For developers, this meant a heavy reliance on shell scripts and other such tools to support the main application. And, considering the critical nature of the application (it did generate revenue...or at least caused numbers to be moved from one ledger to another within the government), any change went through enough manual testing to defoliated a acre of the Amazon rain forest generating the testing outputs.

So when Ray needed to make a bulk data change to the central database, he followed the prescribed steps. The appropriate shell script was created, followed by multiple runs on the test server to create the 3 type-set, calf leather bound volumes of input-output testing printouts. Once done, 5 levels of sign-off were collected. While there's no question that this was an extreme process (XP, but not in the productive way), by the time Ray ran the procedural gauntlet, he was confident that the script would do what it was advertised to do.

To run these scripts, the developers used one-off AT scripts on the server to schedule it to start after hours on the server in question. This mechanism, along with servers that had a good SMS notification system for failed AT jobs, meant that developers could schedule a script to run and then go home with confidence.

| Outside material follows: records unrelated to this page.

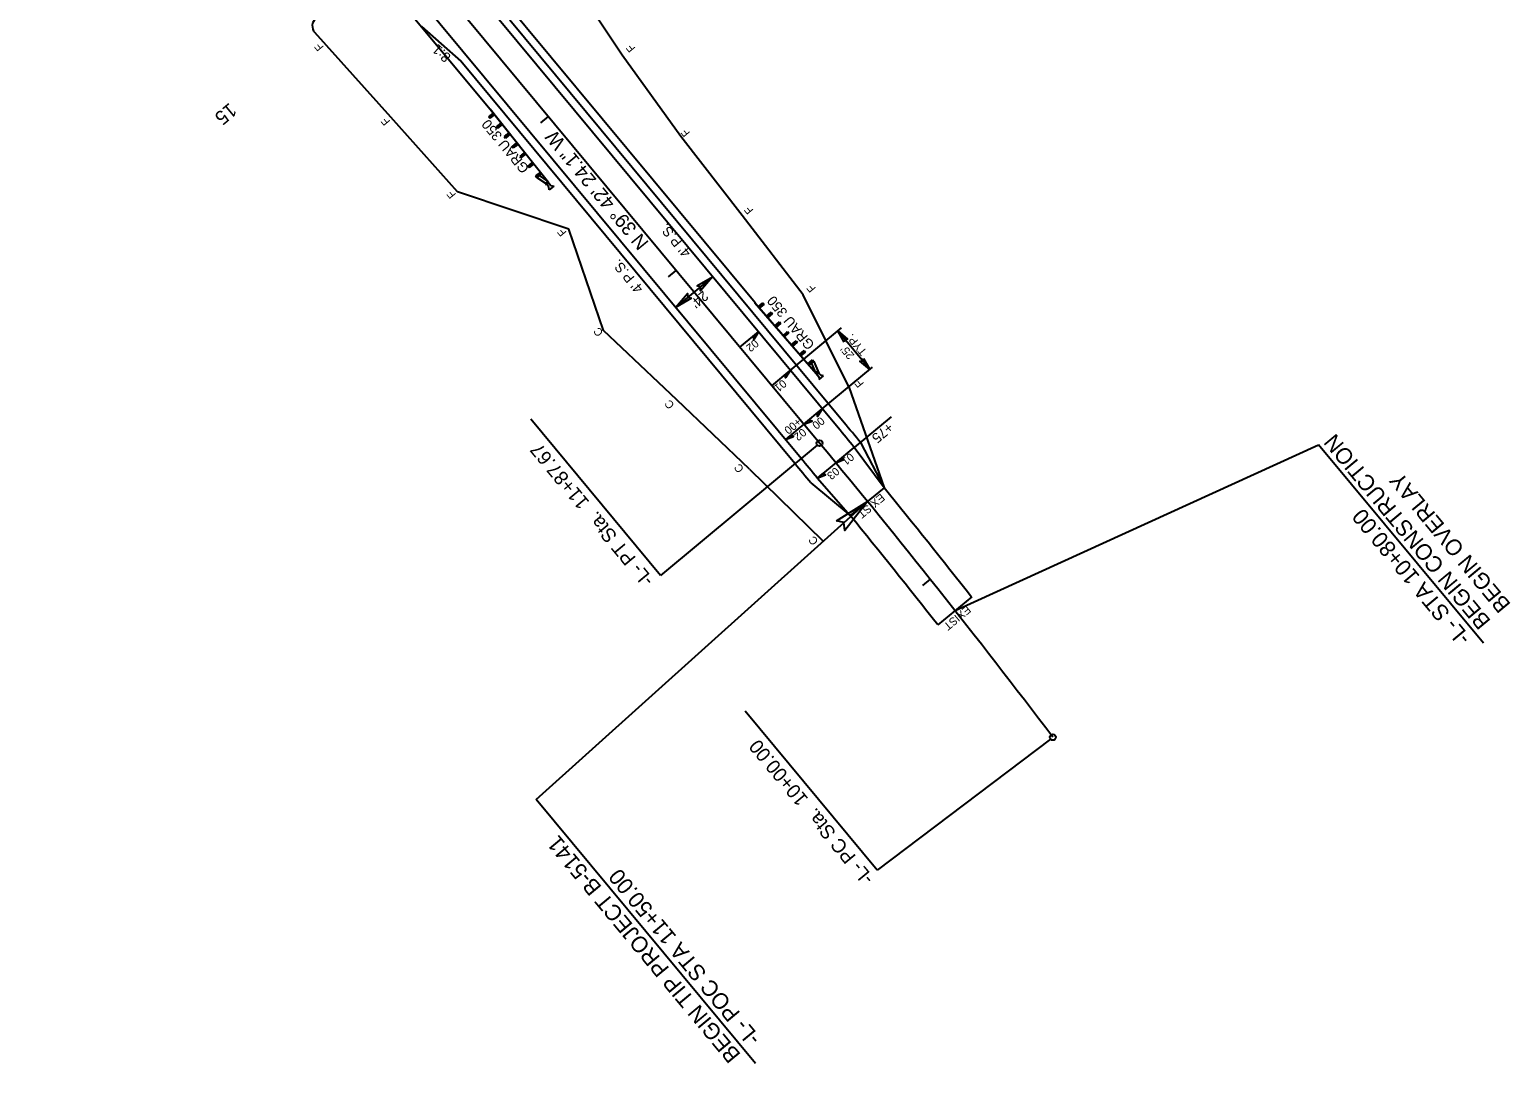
# Model space of a CAD drawing. Extents: x 2597570 to 2598622, y 852675 to 853890.
# Drawn here: x 2597882 to 2598622, y 852675 to 853192 of the extents above; entities that cross this region are included whole.
import ezdxf

# ---------------------------------------------------------------- set-up
doc = ezdxf.new("R2010")
doc.units = 0
for name, color, linetype in [('Exist Drainage Structure Bridge Pier Bent Interior', 7, 'Continuous'), ('Exist Hydrographic Channel Edge', 7, 'Continuous'), ('Exist Plan Preparation Drainage Arrows Symbol CELL', 7, 'Continuous'), ('Exist Plan Preparation Watershed Blue', 7, 'Continuous'), ('Exist Structure Major Deck Tunnel Box Culvert', 7, 'Continuous'), ('Prop Drainage Structure Box Number Symbol CELL', 7, 'Continuous'), ('Prop Drainage Structure Drop Inlet Grate 2 Narrow Slots and Flat Grates 840 29 Label', 7, 'Continuous'), ('Prop Drainage Structure Gutter Shoulder Berm Label', 7, 'Continuous'), ('Prop Drainage Structure Pipe Alternate 15in', 7, 'Continuous'), ('Prop Drainage Structure Pipe Alternate 15in Label', 7, 'Continuous'), ('Prop Drainage Structure Pipe RCP 15in Class IV', 7, 'Continuous'), ('Prop Drainage Structure Pipe RCP 15in Class IV Label', 7, 'Continuous'), ('Prop Drainage Structure Plot Symbol 20 Scale', 7, 'Continuous'), ('Prop Drainage Structure Plot Symbol 50 Scale', 7, 'Continuous'), ('Prop Earthen Structure Base Ditch Berm Detail Label', 7, 'Continuous'), ('Prop Earthen Structure Ditch Flow Line', 7, 'Continuous'), ('Prop Erosion Rip Rap Pad at Outlet CELL', 7, 'Continuous'), ('Prop Erosion Rip Rap Pad at Outlet Label', 7, 'Continuous'), ('Raster_Level_0', 7, 'Continuous'), ('Typical Terminator CELL', 7, 'Continuous')]:
    doc.layers.add(name, color=color, linetype=linetype)

msp = doc.modelspace()

# ---------------------------------------------------------------- linework, layer by layer
at = {"layer": 'Exist Drainage Structure Bridge Pier Bent Interior'}
for p, q in [((2598196.95, 852918.86), (2598132.12, 852996.93)), ((2598275.35, 852983.97), (2598196.95, 852918.86)), ((2598305.3, 852771.42), (2598239.24, 852850.98)), ((2598391.92, 852837), (2598305.3, 852771.42))]:
    msp.add_line(p, q, dxfattribs=at)
for centre in [(2598276.51, 852984.93), (2598393.11, 852837.9)]:
    msp.add_circle(centre, 1.5, dxfattribs=at)
at = {"layer": 'Exist Hydrographic Channel Edge'}
msp.add_line((2598276.51, 852984.93), (2597890.84, 853449.35), dxfattribs=at)
msp.add_line((2598276.51, 852984.93), (2597890.84, 853449.35), dxfattribs=at)
msp.add_arc((2595067.53, 850320.15), 4171.16, 37.12886, 39.70669, dxfattribs=at)
msp.add_arc((2595067.53, 850320.15), 4171.16, 37.12886, 39.70669, dxfattribs=at)
at = {"layer": 'Exist Plan Preparation Drainage Arrows Symbol CELL'}
for p, q in [((2598140.86, 853148.28), (2598137.01, 853145.09)), ((2598204.74, 853071.35), (2598200.9, 853068.16)), ((2598268.63, 852994.42), (2598264.78, 852991.22)), ((2598331.8, 852916.9), (2598327.89, 852913.79))]:
    msp.add_line(p, q, dxfattribs=at)
at = {"layer": 'Exist Plan Preparation Watershed Blue'}
for p, q in [((2598113.37, 853150), (2598111.02, 853148.13)), ((2598112.82, 853148.28), (2598111.02, 853148.13)), ((2598111.02, 853148.13), (2598111.65, 853147.35)), ((2598113.99, 853149.22), (2598111.65, 853147.35)), ((2598111.65, 853147.35), (2598112.2, 853149.06)), ((2598111.78, 853151.99), (2598140.93, 853115.43)), ((2598112.2, 853149.06), (2598113.99, 853149.22)), ((2598112.2, 853149.06), (2598112.82, 853148.28)), ((2598112.82, 853148.28), (2598113.37, 853150)), ((2598113.99, 853149.22), (2598112.82, 853148.28)), ((2598113.37, 853150), (2598113.99, 853149.22)), ((2598117.3, 853145.07), (2598114.91, 853143.17)), ((2598116.73, 853143.34), (2598114.91, 853143.17)), ((2598114.91, 853143.17), (2598115.53, 853142.39)), ((2598117.92, 853144.29), (2598115.53, 853142.39)), ((2598115.53, 853142.39), (2598116.1, 853144.12)), ((2598116.1, 853144.12), (2598117.92, 853144.29)), ((2598116.1, 853144.12), (2598116.73, 853143.34)), ((2598117.3, 853145.07), (2598116.73, 853143.34)), ((2598121.23, 853140.15), (2598118.84, 853138.25)), ((2598121.85, 853139.36), (2598119.47, 853137.46)), ((2598119.47, 853137.46), (2598120.03, 853139.2)), ((2598120.03, 853139.2), (2598121.85, 853139.36)), ((2598120.03, 853139.2), (2598120.66, 853138.41)), ((2598121.23, 853140.15), (2598120.66, 853138.41)), ((2598120.66, 853138.41), (2598118.84, 853138.25)), ((2598118.84, 853138.25), (2598119.47, 853137.46)), ((2598125.15, 853135.22), (2598122.78, 853133.33)), ((2598124.59, 853133.49), (2598122.78, 853133.33)), ((2598122.78, 853133.33), (2598123.4, 853132.54)), ((2598125.78, 853134.44), (2598123.4, 853132.54)), ((2598123.4, 853132.54), (2598123.97, 853134.27)), ((2598123.97, 853134.27), (2598125.78, 853134.44)), ((2598123.97, 853134.27), (2598124.59, 853133.49)), ((2598125.15, 853135.22), (2598124.59, 853133.49)), ((2598125.15, 853135.22), (2598125.78, 853134.44)), ((2598129.08, 853130.29), (2598126.63, 853128.34)), ((2598128.48, 853128.53), (2598126.63, 853128.34)), ((2598126.63, 853128.34), (2598127.25, 853127.55)), ((2598129.71, 853129.51), (2598127.25, 853127.55)), ((2598127.25, 853127.55), (2598127.86, 853129.32)), ((2598127.86, 853129.32), (2598129.71, 853129.51)), ((2598127.86, 853129.32), (2598128.48, 853128.53)), ((2598129.08, 853130.29), (2598128.48, 853128.53)), ((2598133.01, 853125.37), (2598130.67, 853123.5)), ((2598133.63, 853124.58), (2598131.29, 853122.71)), ((2598131.29, 853122.71), (2598131.84, 853124.43)), ((2598131.84, 853124.43), (2598133.63, 853124.58)), ((2598131.84, 853124.43), (2598132.46, 853123.65)), ((2598133.01, 853125.37), (2598132.46, 853123.65)), ((2598132.46, 853123.65), (2598130.67, 853123.5)), ((2598130.67, 853123.5), (2598131.29, 853122.71)), ((2598136.94, 853120.44), (2598134.54, 853118.53)), ((2598136.37, 853118.7), (2598134.54, 853118.53)), ((2598134.54, 853118.53), (2598135.17, 853117.75)), ((2598137.56, 853119.66), (2598135.17, 853117.75)), ((2598135.17, 853117.75), (2598135.74, 853119.48)), ((2598135.17, 853117.75), (2598139.45, 853114.89)), ((2598135.74, 853119.48), (2598137.56, 853119.66)), ((2598135.74, 853119.48), (2598136.37, 853118.7)), ((2598136.94, 853120.44), (2598136.37, 853118.7)), ((2598136.37, 853118.7), (2598140.62, 853115.82)), ((2598140.62, 853115.82), (2598139.45, 853114.89)), ((2598141.24, 853115.04), (2598139.45, 853114.89)), ((2598139.45, 853114.89), (2598139.76, 853114.5)), ((2598139.45, 853114.89), (2598140.07, 853114.11)), ((2598139.95, 853114.58), (2598140.42, 853114.97)), ((2598141.25, 853113.01), (2598139.95, 853114.58)), ((2598140.07, 853114.11), (2598140.62, 853115.82)), ((2598141.24, 853115.04), (2598140.07, 853114.11)), ((2598140.42, 853114.97), (2598140.89, 853115.36)), ((2598140.89, 853115.36), (2598142.2, 853113.78)), ((2598141.35, 853111.55), (2598141.25, 853113.01)), ((2598143.61, 853113.43), (2598141.35, 853111.55)), ((2598142.2, 853113.78), (2598143.61, 853113.43)), ((2598244.23, 853055.06), (2598274.81, 853019.7)), ((2598245.89, 853053.14), (2598248.16, 853055.1)), ((2598247.68, 853053.37), (2598245.89, 853053.14)), ((2598245.89, 853053.14), (2598246.55, 853052.39)), ((2598246.55, 853052.39), (2598248.82, 853054.35)), ((2598247.03, 853054.12), (2598246.55, 853052.39)), ((2598246.55, 853052.39), (2598247.68, 853053.37)), ((2598248.82, 853054.35), (2598247.03, 853054.12)), ((2598247.03, 853054.12), (2598247.68, 853053.37)), ((2598247.68, 853053.37), (2598248.16, 853055.1)), ((2598248.16, 853055.1), (2598248.82, 853054.35)), ((2598250.01, 853048.38), (2598252.32, 853050.37)), ((2598251.82, 853048.62), (2598252.32, 853050.37)), ((2598252.32, 853050.37), (2598252.98, 853049.62)), ((2598250.01, 853048.38), (2598251.82, 853048.62)), ((2598250.67, 853047.62), (2598252.98, 853049.62)), ((2598251.17, 853049.37), (2598250.67, 853047.62)), ((2598252.98, 853049.62), (2598251.17, 853049.37)), ((2598251.17, 853049.37), (2598251.82, 853048.62)), ((2598254.13, 853043.61), (2598256.44, 853045.6)), ((2598254.13, 853043.61), (2598255.94, 853043.85)), ((2598254.79, 853042.85), (2598257.09, 853044.85)), ((2598255.29, 853044.61), (2598254.79, 853042.85)), ((2598257.09, 853044.85), (2598255.29, 853044.61)), ((2598255.29, 853044.61), (2598255.94, 853043.85)), ((2598255.94, 853043.85), (2598256.44, 853045.6)), ((2598256.44, 853045.6), (2598257.09, 853044.85)), ((2598258.26, 853038.84), (2598260.55, 853040.83)), ((2598258.26, 853038.84), (2598260.06, 853039.08)), ((2598258.26, 853038.84), (2598258.91, 853038.09)), ((2598258.91, 853038.09), (2598261.21, 853040.07)), ((2598259.41, 853039.84), (2598258.91, 853038.09)), ((2598261.21, 853040.07), (2598259.41, 853039.84)), ((2598259.41, 853039.84), (2598260.06, 853039.08)), ((2598260.06, 853039.08), (2598260.55, 853040.83)), ((2598260.55, 853040.83), (2598261.21, 853040.07)), ((2598262.38, 853034.08), (2598264.75, 853036.13)), ((2598263.03, 853033.32), (2598265.41, 853035.37)), ((2598265.41, 853035.37), (2598263.56, 853035.1)), ((2598264.22, 853034.35), (2598264.75, 853036.13)), ((2598264.75, 853036.13), (2598265.41, 853035.37)), ((2598262.38, 853034.08), (2598264.22, 853034.35)), ((2598263.56, 853035.1), (2598263.03, 853033.32)), ((2598263.56, 853035.1), (2598264.22, 853034.35)), ((2598266.5, 853029.31), (2598268.77, 853031.27)), ((2598266.5, 853029.31), (2598268.29, 853029.53)), ((2598267.15, 853028.55), (2598269.42, 853030.51)), ((2598267.63, 853030.29), (2598267.15, 853028.55)), ((2598269.42, 853030.51), (2598267.63, 853030.29)), ((2598267.63, 853030.29), (2598268.29, 853029.53)), ((2598268.29, 853029.53), (2598268.77, 853031.27)), ((2598268.77, 853031.27), (2598269.42, 853030.51)), ((2598270.62, 853024.54), (2598272.94, 853026.55)), ((2598270.62, 853024.54), (2598272.43, 853024.79)), ((2598271.28, 853023.79), (2598273.59, 853025.79)), ((2598271.78, 853025.54), (2598271.28, 853023.79)), ((2598273.59, 853025.79), (2598271.78, 853025.54)), ((2598271.78, 853025.54), (2598272.43, 853024.79)), ((2598272.43, 853024.79), (2598272.94, 853026.55)), ((2598272.43, 853024.79), (2598274.48, 853020.08)), ((2598272.94, 853026.55), (2598273.59, 853025.79)), ((2598273.59, 853025.79), (2598275.62, 853021.06)), ((2598274.48, 853020.08), (2598275.62, 853021.06)), ((2598275.13, 853019.32), (2598275.62, 853021.06)), ((2598275.62, 853021.06), (2598275.94, 853020.68)), ((2598275.62, 853021.06), (2598276.27, 853020.3)), ((2598276.27, 853020.3), (2598274.48, 853020.08)), ((2598275.35, 853020.12), (2598274.89, 853019.73)), ((2598274.89, 853019.73), (2598276.2, 853018.15)), ((2598275.13, 853019.32), (2598276.27, 853020.3)), ((2598275.82, 853020.51), (2598275.35, 853020.12)), ((2598277.13, 853018.94), (2598275.82, 853020.51)), ((2598276.2, 853018.15), (2598276.29, 853016.7)), ((2598276.29, 853016.7), (2598278.55, 853018.58)), ((2598278.55, 853018.58), (2598277.13, 853018.94))]:
    msp.add_line(p, q, dxfattribs=at)
at = {"layer": 'Prop Drainage Structure Box Number Symbol CELL'}
for points in [[(2598215.08, 853063.59), (2598222.99, 853068.15), (2598217.05, 853061.14), (2598216.92, 853063.1)], [(2598212.44, 853057.37), (2598204.53, 853052.82), (2598210.47, 853059.83), (2598210.61, 853057.86)], [(2598288.82, 853035.49), (2598285.63, 853041.03), (2598290.54, 853036.87), (2598289.16, 853036.78)], [(2598298.41, 853027.34), (2598301.6, 853021.8), (2598296.69, 853025.96), (2598298.07, 853026.05)], [(2598284.99, 852946.1), (2598300.44, 852955.84), (2598289.13, 852941.35), (2598288.7, 852945.27)]]:
    msp.add_lwpolyline(points, close=True, dxfattribs=at)
at = {"layer": 'Prop Drainage Structure Drop Inlet Grate 2 Narrow Slots and Flat Grates 840 29 Label'}
for points in [[(2598245.92, 853040.55), (2598243.58, 853036.79), (2598243.42, 853038.48)], [(2598261.89, 853021.32), (2598259.55, 853017.56), (2598259.4, 853019.25)], [(2598277.86, 853002.08), (2598275.52, 852998.33), (2598275.37, 853000.02)], [(2598268.63, 852994.42), (2598272.75, 852996.03), (2598271.12, 852996.49)], [(2598259.4, 852986.75), (2598263.52, 852988.36), (2598261.89, 852988.82)], [(2598284.6, 852975.18), (2598288.72, 852976.79), (2598287.09, 852977.26)], [(2598275.35, 852967.51), (2598279.48, 852969.12), (2598277.84, 852969.58)]]:
    msp.add_lwpolyline(points, close=True, dxfattribs=at)
at = {"layer": 'Prop Drainage Structure Gutter Shoulder Berm Label'}
for p, q in [((2598223, 853068.15), (2598204.53, 853052.82)), ((2598312.3, 852998.18), (2598293.83, 852982.85))]:
    msp.add_line(p, q, dxfattribs=at)
at = {"layer": 'Prop Drainage Structure Pipe Alternate 15in'}
for p, q in [((2598168.51, 853041.26), (2598151.17, 853091.85)), ((2598291.22, 853013.18), (2598308.74, 852962.61)), ((2598241.49, 852971.88), (2598278.09, 852936.11))]:
    msp.add_line(p, q, dxfattribs=at)
at = {"layer": 'Prop Drainage Structure Pipe RCP 15in Class IV'}
for p, q in [((2598177.77, 853178.93), (2598150.05, 853220.91)), ((2598062.12, 853147.89), (2598024.19, 853190.17)), ((2598207.09, 853138.29), (2598177.77, 853178.93)), ((2598095.49, 853110.61), (2598062.12, 853147.89)), ((2598237.81, 853098.81), (2598207.09, 853138.29)), ((2598151.17, 853091.85), (2598095.49, 853110.61)), ((2598268.26, 853059.11), (2598237.81, 853098.81)), ((2598291.22, 853013.18), (2598268.26, 853059.11)), ((2598291.22, 853013.18), (2598291.22, 853013.18))]:
    msp.add_line(p, q, dxfattribs=at)
msp.add_arc((2598027.92, 853193.51), 5, 129.70669, 221.8952, dxfattribs=at)
at = {"layer": 'Prop Drainage Structure Pipe RCP 15in Class IV Label'}
for p, q in [((2598344.22, 852901.22), (2598525.93, 852984.16)), ((2598608.35, 852884.9), (2598525.93, 852984.16)), ((2598134.88, 852806.8), (2598300.44, 852955.84)), ((2598244.4, 852674.91), (2598134.88, 852806.8))]:
    msp.add_line(p, q, dxfattribs=at)
at = {"layer": 'Prop Drainage Structure Plot Symbol 20 Scale'}
for p, q in [((2598285.74, 852992.6), (2597900.08, 853457.02)), ((2598267.28, 852977.26), (2597881.61, 853441.69)), ((2598308.74, 852962.61), (2598293.82, 852982.84)), ((2598275.28, 852967.59), (2598291.8, 852948.8)), ((2598352.67, 852908.11), (2598335.58, 852894.18))]:
    msp.add_line(p, q, dxfattribs=at)
for centre, radius, start, end in [((2595076.76, 850327.82), 4171.16, 39.53269, 39.70669), ((2595067.53, 850320.15), 4159.16, 39.53368, 39.70669), ((2595067.53, 850320.15), 4181.87, 38.23022, 39.18929), ((2595067.53, 850320.15), 4160.01, 38.22518, 39.18929)]:
    msp.add_arc(centre, radius, start, end, dxfattribs=at)
at = {"layer": 'Prop Drainage Structure Plot Symbol 50 Scale'}
for p, q in [((2598077.56, 853193.2), (2598097.17, 853175.85)), ((2598288.82, 852995.15), (2598121.7, 853196.4)), ((2598264.2, 852974.71), (2598097.17, 853175.85)), ((2598296.97, 852985.3), (2598308.74, 852962.61)), ((2598272.2, 852965.04), (2598291.8, 852948.8)), ((2598291.8, 852948.8), (2598291.8, 852948.8))]:
    msp.add_line(p, q, dxfattribs=at)
for radius, start in [(4187.16, 39.53171), (4155.16, 39.53368)]:
    msp.add_arc((2595067.53, 850320.15), radius, start, 39.70669, dxfattribs=at)
at = {"layer": 'Prop Earthen Structure Ditch Flow Line'}
for p, q in [((2598236.69, 853032.88), (2598245.92, 853040.55)), ((2598261.89, 853021.32), (2598287.43, 853042.53)), ((2598301.6, 853021.8), (2598285.63, 853041.03)), ((2598252.66, 853013.65), (2598261.89, 853021.32)), ((2598277.86, 853002.08), (2598302.92, 853022.9)), ((2598268.63, 852994.42), (2598277.86, 853002.08)), ((2598268.63, 852994.42), (2598259.4, 852986.75)), ((2598284.6, 852975.18), (2598293.83, 852982.85)), ((2598284.59, 852975.17), (2598275.35, 852967.51)), ((2598308.74, 852962.61), (2598291.8, 852948.8))]:
    msp.add_line(p, q, dxfattribs=at)
at = {"layer": 'Prop Erosion Rip Rap Pad at Outlet CELL'}
for p, q in [((2598244.24, 853055.07), (2598096.7, 853232.76)), ((2598065.93, 853207.21), (2598111.78, 853151.99)), ((2598133.05, 853125.27), (2598111.78, 853151.99)), ((2598276.2, 853018.15), (2598244.23, 853055.06))]:
    msp.add_line(p, q, dxfattribs=at)
at = {"layer": 'Typical Terminator CELL'}
for p, q in [((2598205.08, 853006.64), (2598168.51, 853041.26)), ((2598241.49, 852971.88), (2598205.08, 853006.64))]:
    msp.add_line(p, q, dxfattribs=at)

# ---------------------------------------------------------------- texts
at = {"layer": 'Exist Drainage Structure Bridge Pier Bent Interior'}
for s, rotation, p in [('-L- PT Sta.  11+87.67', 129.70669, (2598194.04, 852916.72)), ('-L- PC Sta.  10+00.00', 129.66534, (2598304.03, 852767.58))]:
    msp.add_text(s, height=7, rotation=rotation, dxfattribs=at).set_placement(p)
at = {"layer": 'Exist Plan Preparation Watershed Blue'}
for p in [(2598131.67, 853122.45), (2598274.34, 853034.22)]:
    msp.add_text('GRAU 350', height=5, rotation=129.70669, dxfattribs=at).set_placement(p)
at = {"layer": 'Exist Structure Major Deck Tunnel Box Culvert'}
msp.add_text('N 39%%d 42\' 24.1" W', height=7, rotation=129.70669, dxfattribs=at).set_placement((2598191.47, 853085.21))
at = {"layer": 'Prop Drainage Structure Pipe Alternate 15in Label'}
for s, p in [('BEGIN CONSTRUCTION', (2598612.41, 852896.09)), ('BEGIN OVERLAY', (2598622.41, 852904.39)), ('-L- STA 10+80.00', (2598602.41, 852887.78)), ('BEGIN TIP PROJECT B-5141', (2598237.45, 852679.33)), ('-L- POC STA 11+50.00', (2598247.45, 852687.64))]:
    msp.add_text(s, height=8, rotation=129.70669, dxfattribs=at).set_placement(p)
at = {"layer": 'Prop Earthen Structure Base Ditch Berm Detail Label'}
for s, p in [('F', (2598028.87, 853183.02)), ('F', (2598184.66, 853182.41)), ('F', (2598062.08, 853145.81)), ('F', (2598212.01, 853140.12)), ('F', (2598095, 853109.29)), ('F', (2598243.69, 853101.44)), ('F', (2598150.29, 853090.37)), ('F', (2598274.92, 853062.38)), ('C', (2598168.66, 853040.3)), ('F', (2598298.91, 853014.79)), ('C', (2598204.2, 853004.06)), ('C', (2598238.95, 852972.17)), ('C', (2598276.15, 852935.97))]:
    msp.add_text(s, height=4, rotation=129.70669, dxfattribs=at).set_placement(p)
at = {"layer": 'Prop Earthen Structure Ditch Flow Line'}
for s, rotation, p in [('02', 219.70669, (2598244.01, 853037.12)), ('TYP.', 129.70669, (2598300.43, 853030.82)), ("25'", 130.70669, (2598294.14, 853028.96)), ('01', 219.70669, (2598257.96, 853017.04)), ('+00', 219.70669, (2598265.42, 852997.91)), ('02', 219.70669, (2598267.86, 852992.64)), ('00', 219.70669, (2598276.99, 852998.42)), ('01', 219.70669, (2598291.73, 852980.36)), ('03', 219.70669, (2598284.42, 852973.21)), ('EXIST', 219.70669, (2598307.06, 852960.05)), ('EXIST', 219.70669, (2598350.07, 852904.05))]:
    msp.add_text(s, height=4, rotation=rotation, dxfattribs=at).set_placement(p)
at = {"layer": 'Prop Erosion Rip Rap Pad at Outlet Label'}
for s, rotation, p in [('8:1', 138.49397, (2598092.61, 853178.55)), ("4' P.S.", 129.70669, (2598212.5, 853080.35)), ("4' P.S.", 129.70669, (2598188.7, 853062.42)), ("24'", 219.70669, (2598218.33, 853061.45)), ('+75', 219.70669, (2598310.87, 852995.64))]:
    msp.add_text(s, height=5, rotation=rotation, dxfattribs=at).set_placement(p)
at = {"layer": 'Raster_Level_0'}
msp.add_text('15', height=7, rotation=219.70669, dxfattribs=at).set_placement((2597981.53, 853155.45))

doc.saveas('drawing.dxf')

Ray set up him job to run at 6:30pm and with no notification of a failure, it was a sleep-filled evening. And he came in the next morning confident of it being a normal day. The sight of the wide-eyed, slightly perspiring system administrator combined with his opening statement of "Thank god you're here!" extinguished that.

"Fezzik's down!", he said. The servers were named after movie characters and Fezzik was the production server that Ray had scheduled the script on the night before.

"Um...define 'down'." Ray said, stalling while desperately trying to think of what weird permutation in the script could have caused this.

"It's not responding. The network controller says Fezzik's there. We can ping it. But terminal sessions are immediately frozen on connect and the applications running on that server are unreachable."

"So, it's not DOWN down then?" Ray asked as he reversed course and headed to the server room.

"It's down enough", came the reply.

At the server console, the user login shell was visible. The sys admin pushed a key. The server replied with an annoyingly cheerful beep. One key press, no characters, just a beep. The keyboard buffer was full. Ray felt queasy.

"Inconceivable. I have no idea what caused that." Ray said with an honesty that was quickly turning to desperation.

"Well", said the admin, "we did get some e-mails from the system this morning before it stopped responding. What the hell is rous_at_job.sh?"

Ray paused. "Why?"

"There's so many instances of it that we don't KNOW how many instances there are of it!"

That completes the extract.